An exact restatement of the entire listing is needed, excluding all images.

▬▬▬▬▬▬▬▬▬▬

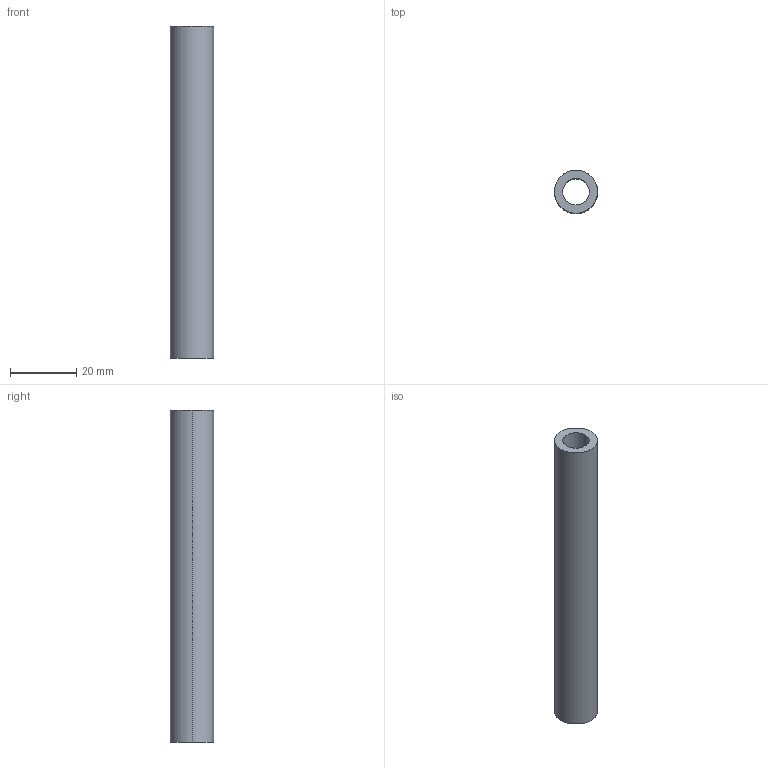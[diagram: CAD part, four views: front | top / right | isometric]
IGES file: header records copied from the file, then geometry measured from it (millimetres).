
Global section: file name: E:\UnigraphicsGraphicData\MISUMI_PRESS-PARTS\IGES\3d_sb13-100_00132_r00.igs; native system: NX V5.0; preprocessor: UGS NX IGES V5.0; author: MISUMI; date: 20110105.162424; units: millimetre
Bounding box: 13 x 13 x 100 mm (x, y, z)
Surface area: 6762.8 mm2 (no closed solid volume)
Topology: 0 solids, 0 shells, 6 faces, 48 edges, 48 vertices
Faces by surface type: bspline 6

▬▬▬▬▬▬▬▬▬▬

**Response below:**
[diagram: CAD part, four views: front | top / right | isometric]
IGES file: header records copied from the file, then geometry measured from it (millimetres).
Global section: file name: E:\UnigraphicsGraphicData\MISUMI_PRESS-PARTS\IGES\3d_sb13-100_00132_r00.igs; native system: NX V5.0; preprocessor: UGS NX IGES V5.0; author: MISUMI; date: 20110105.162424; units: millimetre
Bounding box: 13 x 13 x 100 mm (x, y, z)
Surface area: 6762.8 mm2 (no closed solid volume)
Topology: 0 solids, 0 shells, 6 faces, 48 edges, 48 vertices
Faces by surface type: bspline 6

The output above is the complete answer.